BHL es agnóstico. Y precisa: « Digamos que a mí no se me plantea el problema de la existencia de Dios ». Pese a lo cual, esta historia no lo deja indiferente. Más aún porque su hermana comenzó a convertirse, sin que él lo supiera, en el momento mismo en que él, que preparaba una exposición sobre la verdad y la pintura, recorría los museos del mundo entero en búsqueda de cuadros de aquella Verónica de la cual la tradición dice que habría enjugado el rostro de Cristo y que éste se habría impreso en su lienzo: una imagen que abre una brecha en la prohibición de representar a Dios.

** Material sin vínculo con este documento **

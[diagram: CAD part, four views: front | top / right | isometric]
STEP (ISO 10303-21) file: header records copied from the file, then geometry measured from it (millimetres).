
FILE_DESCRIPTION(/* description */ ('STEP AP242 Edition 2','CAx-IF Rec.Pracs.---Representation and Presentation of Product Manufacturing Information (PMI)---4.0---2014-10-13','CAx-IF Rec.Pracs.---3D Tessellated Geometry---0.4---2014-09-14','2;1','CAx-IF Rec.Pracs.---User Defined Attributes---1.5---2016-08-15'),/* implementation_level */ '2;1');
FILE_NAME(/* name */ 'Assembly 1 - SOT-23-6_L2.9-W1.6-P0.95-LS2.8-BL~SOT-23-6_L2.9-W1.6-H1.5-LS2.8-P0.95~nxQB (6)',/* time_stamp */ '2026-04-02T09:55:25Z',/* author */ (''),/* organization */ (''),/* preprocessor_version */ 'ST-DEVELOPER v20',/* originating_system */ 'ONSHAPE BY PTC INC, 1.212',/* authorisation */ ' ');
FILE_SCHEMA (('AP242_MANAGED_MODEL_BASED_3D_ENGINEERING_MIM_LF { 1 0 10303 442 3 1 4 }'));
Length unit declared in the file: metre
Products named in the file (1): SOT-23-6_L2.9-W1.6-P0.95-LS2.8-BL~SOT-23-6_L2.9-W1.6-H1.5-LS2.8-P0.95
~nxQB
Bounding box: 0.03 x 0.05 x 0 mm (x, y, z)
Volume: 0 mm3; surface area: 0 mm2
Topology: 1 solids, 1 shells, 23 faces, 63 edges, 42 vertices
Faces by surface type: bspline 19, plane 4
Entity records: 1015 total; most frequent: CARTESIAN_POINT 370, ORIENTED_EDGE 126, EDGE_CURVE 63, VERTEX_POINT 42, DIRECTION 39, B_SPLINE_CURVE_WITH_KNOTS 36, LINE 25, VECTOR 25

Esta coincidencia, reconoce, lo perturbó. Y también lo que le sucedió en la misma época a su hermano Felipe, que cayó desde un sexto piso el día de su cumpleaños. El diagnóstico no daba esperanzas. Pero mientras que Bernard-Henri se desvive tras los médicos, Verónica pone íconos en la cabecera de su cama, esconde medallas milagrosas bajo su almohada, ruega día y noche. Cuando llega al hospital en la mañana de Navidad, Felipe se ha despertado y respira sin asistencia. Ella comienza a leer el Evangelio al sanado milagrosamente, su otro hermano irrumpe en la pieza y, llagado por esta demostración de piedad católica, le reprocha que se aproveche de la debilidad del herido, dándole un reprimenda. Pero luego se dulcifica, al punto de autorizarle que deje la imagen de la Santa Faz sobre la mesa de luz y que rece – aunque en silencio…

Algunos meses más tarde, por pedido de su hermana, Felipe asistirá a un oficio en la Iglesia de San Gervasio. Ese día, misteriosamente, los monjes entonan el Shema Israel y cantan el Padrenuestro en hebreo. La familia Leví vive el diálogo judeo-cristiano carne propia.

* Le Figaro, 21-3-2015: http://www.lefigaro.fr/livres/2015/03/11/03005-20150311ARTFIG00382-veronique-Leví-sur-le-chemin-de-la-croix.php. (Traducción de N.A.S.)

Leví, Veronique. Montre-moi ton visage. Paris, Cerf, 12-3-2015, 338 p. (Muéstrame tu rostro).